Whit getting some rare pedal climbing in up Mt. Antero. Ian Fohrman photo.
Of course, with that kind of mission, the whole approach is different. Carrying a bike, sometimes for up to two and a half hours, is the norm, which means keeping your kit light is essential. Whit and Ian will usually make an approach with just their bike pack, some food, a rain shell, knee pads, and plenty of water. A pack appropriate for the mission–one where your top tube can rest on top of it while you hold onto the end of your handlebar with one hand and your seat with the other–is not in making bike companies’ repertoire, so some trial and error was necessary to provide a proper mount.
Ian rallies into the fog off the summit of Mt. Democrat. Ian Fohrman photo.
Carbon enduro bikes–Whit rides a Santa Cruz Nomad, Ian a Yeti–are the best tool for the job, with a mix of light weight for pedaling (or more often, carrying) the bike to the top and burl for handling the descent on the way down. But the flip side is the complete agony any bike owner could appreciate feeling at the sight of their precious carbon wünderbike tumbling down a scree field after a bail, or even having their downtube get pinged by rock after rock on an alpine descent.
Camping before the assault on Mt. Antero. Ian Fohrman photo.
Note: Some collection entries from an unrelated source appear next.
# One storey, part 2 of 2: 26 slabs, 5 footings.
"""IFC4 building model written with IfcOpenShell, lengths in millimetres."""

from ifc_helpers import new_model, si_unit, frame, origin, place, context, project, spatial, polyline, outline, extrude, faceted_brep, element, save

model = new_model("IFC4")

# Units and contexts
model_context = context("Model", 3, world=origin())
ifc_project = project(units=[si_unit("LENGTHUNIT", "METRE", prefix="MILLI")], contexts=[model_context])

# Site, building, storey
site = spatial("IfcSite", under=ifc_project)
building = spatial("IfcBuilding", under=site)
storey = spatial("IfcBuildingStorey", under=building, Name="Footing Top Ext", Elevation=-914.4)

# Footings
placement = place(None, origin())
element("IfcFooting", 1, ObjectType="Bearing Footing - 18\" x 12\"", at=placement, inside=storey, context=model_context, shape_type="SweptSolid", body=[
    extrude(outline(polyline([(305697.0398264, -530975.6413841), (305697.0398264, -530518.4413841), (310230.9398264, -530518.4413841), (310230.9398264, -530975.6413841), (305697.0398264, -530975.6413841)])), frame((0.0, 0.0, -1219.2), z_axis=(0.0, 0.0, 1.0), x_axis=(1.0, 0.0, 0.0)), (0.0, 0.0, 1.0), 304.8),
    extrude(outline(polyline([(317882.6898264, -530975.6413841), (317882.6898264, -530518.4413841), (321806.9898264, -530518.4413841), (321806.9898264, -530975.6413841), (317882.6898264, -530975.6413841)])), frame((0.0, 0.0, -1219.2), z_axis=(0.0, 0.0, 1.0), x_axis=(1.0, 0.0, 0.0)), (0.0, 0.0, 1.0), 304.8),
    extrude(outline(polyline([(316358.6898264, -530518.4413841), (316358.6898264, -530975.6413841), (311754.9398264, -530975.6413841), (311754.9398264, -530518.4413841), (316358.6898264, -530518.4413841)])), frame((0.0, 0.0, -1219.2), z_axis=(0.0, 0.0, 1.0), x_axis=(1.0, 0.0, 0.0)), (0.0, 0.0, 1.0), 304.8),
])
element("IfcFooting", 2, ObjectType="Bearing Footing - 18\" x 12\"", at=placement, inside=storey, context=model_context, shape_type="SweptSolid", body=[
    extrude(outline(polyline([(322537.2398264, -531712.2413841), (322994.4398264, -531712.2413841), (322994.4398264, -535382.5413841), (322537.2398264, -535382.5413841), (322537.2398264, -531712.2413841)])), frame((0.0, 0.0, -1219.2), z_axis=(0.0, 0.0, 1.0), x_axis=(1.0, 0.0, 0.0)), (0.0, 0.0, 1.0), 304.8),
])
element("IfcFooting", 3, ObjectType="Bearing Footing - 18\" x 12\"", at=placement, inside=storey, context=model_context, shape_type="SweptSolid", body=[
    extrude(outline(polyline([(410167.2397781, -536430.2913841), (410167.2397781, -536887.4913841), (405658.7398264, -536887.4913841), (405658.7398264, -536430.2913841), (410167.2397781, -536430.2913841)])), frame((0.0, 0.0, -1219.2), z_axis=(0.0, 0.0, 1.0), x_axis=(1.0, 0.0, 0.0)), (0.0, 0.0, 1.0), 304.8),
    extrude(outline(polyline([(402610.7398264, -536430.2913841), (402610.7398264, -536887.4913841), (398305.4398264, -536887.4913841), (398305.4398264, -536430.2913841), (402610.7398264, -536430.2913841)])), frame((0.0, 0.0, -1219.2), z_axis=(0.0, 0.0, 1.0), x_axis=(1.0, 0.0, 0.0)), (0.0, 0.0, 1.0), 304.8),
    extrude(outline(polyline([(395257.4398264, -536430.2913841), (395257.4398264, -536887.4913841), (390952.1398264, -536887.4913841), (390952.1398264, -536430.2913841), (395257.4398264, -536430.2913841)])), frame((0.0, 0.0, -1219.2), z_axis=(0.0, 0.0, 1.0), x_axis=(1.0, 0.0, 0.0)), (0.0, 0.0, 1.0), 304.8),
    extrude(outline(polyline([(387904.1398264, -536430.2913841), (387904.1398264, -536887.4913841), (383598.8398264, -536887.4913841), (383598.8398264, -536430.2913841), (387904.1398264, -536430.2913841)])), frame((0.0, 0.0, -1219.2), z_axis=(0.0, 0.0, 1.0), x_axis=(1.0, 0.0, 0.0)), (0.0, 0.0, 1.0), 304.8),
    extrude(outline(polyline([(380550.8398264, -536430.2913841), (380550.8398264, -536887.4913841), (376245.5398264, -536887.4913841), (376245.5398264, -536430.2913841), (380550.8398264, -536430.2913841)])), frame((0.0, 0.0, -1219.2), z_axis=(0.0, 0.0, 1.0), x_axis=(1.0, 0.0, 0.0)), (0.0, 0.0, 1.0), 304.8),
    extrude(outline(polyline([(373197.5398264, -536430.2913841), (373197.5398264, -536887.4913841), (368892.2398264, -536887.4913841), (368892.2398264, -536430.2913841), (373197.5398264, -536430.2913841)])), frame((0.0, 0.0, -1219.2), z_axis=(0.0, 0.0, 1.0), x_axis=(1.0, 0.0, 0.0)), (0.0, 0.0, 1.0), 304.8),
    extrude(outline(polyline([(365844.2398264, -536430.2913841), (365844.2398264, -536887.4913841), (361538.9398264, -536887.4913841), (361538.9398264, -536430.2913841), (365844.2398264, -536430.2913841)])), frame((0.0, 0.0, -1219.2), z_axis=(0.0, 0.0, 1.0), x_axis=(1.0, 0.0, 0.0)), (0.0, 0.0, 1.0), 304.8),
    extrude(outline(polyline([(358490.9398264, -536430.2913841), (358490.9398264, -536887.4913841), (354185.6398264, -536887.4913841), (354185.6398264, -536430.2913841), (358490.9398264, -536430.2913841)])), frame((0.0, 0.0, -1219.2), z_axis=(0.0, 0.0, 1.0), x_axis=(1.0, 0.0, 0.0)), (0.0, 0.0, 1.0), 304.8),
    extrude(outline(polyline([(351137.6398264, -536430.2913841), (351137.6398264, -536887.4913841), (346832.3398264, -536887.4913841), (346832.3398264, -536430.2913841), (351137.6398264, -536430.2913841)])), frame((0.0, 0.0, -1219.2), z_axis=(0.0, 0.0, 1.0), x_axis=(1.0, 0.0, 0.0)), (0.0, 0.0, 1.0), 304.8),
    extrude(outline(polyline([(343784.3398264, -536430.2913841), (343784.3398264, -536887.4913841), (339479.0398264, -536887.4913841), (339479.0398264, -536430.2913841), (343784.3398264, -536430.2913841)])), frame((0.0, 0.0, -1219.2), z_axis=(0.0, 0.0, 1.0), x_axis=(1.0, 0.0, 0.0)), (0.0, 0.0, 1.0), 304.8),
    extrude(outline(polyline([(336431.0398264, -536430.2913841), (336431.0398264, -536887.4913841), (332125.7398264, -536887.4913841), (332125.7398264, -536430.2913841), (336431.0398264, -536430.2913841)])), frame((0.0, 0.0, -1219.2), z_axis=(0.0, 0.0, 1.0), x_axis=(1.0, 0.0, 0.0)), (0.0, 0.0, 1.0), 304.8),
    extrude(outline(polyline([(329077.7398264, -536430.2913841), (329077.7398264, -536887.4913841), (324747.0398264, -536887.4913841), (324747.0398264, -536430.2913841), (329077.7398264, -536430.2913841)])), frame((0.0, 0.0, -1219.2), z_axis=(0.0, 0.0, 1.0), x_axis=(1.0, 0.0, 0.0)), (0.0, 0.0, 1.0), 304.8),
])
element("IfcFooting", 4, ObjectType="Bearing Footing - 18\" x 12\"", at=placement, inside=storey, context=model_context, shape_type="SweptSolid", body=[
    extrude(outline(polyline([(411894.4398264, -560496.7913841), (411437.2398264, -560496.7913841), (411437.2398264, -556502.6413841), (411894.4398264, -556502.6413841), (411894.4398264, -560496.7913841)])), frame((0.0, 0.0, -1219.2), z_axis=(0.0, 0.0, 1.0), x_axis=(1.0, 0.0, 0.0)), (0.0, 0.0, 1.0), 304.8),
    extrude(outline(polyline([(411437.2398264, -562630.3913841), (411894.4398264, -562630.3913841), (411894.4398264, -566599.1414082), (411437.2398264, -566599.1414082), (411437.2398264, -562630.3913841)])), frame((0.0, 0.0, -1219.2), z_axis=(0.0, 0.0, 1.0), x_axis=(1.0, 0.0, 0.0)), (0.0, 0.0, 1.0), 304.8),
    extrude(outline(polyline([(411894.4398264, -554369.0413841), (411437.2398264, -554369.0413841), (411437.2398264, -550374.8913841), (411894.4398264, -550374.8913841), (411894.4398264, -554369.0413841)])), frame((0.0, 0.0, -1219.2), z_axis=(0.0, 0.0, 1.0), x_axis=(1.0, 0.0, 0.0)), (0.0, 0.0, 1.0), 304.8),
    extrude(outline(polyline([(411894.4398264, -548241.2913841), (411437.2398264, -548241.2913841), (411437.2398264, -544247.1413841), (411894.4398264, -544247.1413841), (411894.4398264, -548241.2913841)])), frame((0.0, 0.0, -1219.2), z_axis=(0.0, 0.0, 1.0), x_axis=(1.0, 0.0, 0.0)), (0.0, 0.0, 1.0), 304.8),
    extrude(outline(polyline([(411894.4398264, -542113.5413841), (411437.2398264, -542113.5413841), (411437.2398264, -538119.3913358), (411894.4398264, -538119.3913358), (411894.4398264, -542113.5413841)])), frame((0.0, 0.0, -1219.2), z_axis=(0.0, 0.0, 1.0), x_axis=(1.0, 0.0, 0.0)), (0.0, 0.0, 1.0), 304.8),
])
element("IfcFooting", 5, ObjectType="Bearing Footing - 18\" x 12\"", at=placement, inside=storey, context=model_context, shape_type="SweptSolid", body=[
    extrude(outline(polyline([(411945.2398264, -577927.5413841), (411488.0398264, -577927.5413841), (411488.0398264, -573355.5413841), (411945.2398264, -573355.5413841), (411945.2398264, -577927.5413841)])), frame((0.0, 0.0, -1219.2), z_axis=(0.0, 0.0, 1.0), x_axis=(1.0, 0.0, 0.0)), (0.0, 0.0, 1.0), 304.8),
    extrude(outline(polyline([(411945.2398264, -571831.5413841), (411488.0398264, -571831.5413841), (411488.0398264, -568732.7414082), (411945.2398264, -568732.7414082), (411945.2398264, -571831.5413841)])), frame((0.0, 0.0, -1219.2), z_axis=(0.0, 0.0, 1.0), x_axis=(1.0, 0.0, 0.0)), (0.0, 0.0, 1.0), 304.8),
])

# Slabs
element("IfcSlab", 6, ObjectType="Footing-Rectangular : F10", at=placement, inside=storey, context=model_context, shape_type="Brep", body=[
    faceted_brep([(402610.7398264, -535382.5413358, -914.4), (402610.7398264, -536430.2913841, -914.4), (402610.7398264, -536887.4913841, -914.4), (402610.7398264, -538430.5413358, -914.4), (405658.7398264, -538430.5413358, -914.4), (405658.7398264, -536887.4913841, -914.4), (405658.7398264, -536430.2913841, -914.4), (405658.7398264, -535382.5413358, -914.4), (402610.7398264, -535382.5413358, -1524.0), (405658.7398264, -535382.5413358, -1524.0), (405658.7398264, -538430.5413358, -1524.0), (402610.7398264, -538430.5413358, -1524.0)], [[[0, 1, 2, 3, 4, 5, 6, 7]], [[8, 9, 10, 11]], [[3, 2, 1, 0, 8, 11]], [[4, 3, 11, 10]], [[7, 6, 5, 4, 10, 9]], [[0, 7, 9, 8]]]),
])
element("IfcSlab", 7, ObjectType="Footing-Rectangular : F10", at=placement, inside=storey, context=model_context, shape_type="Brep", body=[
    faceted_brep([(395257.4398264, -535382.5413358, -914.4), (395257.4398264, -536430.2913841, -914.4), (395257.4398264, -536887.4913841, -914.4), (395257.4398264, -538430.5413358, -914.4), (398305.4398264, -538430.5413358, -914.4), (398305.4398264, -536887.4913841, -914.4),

While the pair are still early in their overall objective, with four of eighteen possible peaks in the bag, they hope their bikethe14ers.com and the coverage they get of their hike-a-bike efforts doesn’t sell their impeccable radness, but rather lets riders who’d otherwise be plucking around in the valleys know that amazing trails await up high in Colorado. And that the hikers won’t kill their buzz. “We’ve run into hikers every time we’ve gone, and not a single person has given us shit, they’ve all been hyped on it and thinking it’s really cool. We really appreciate it.”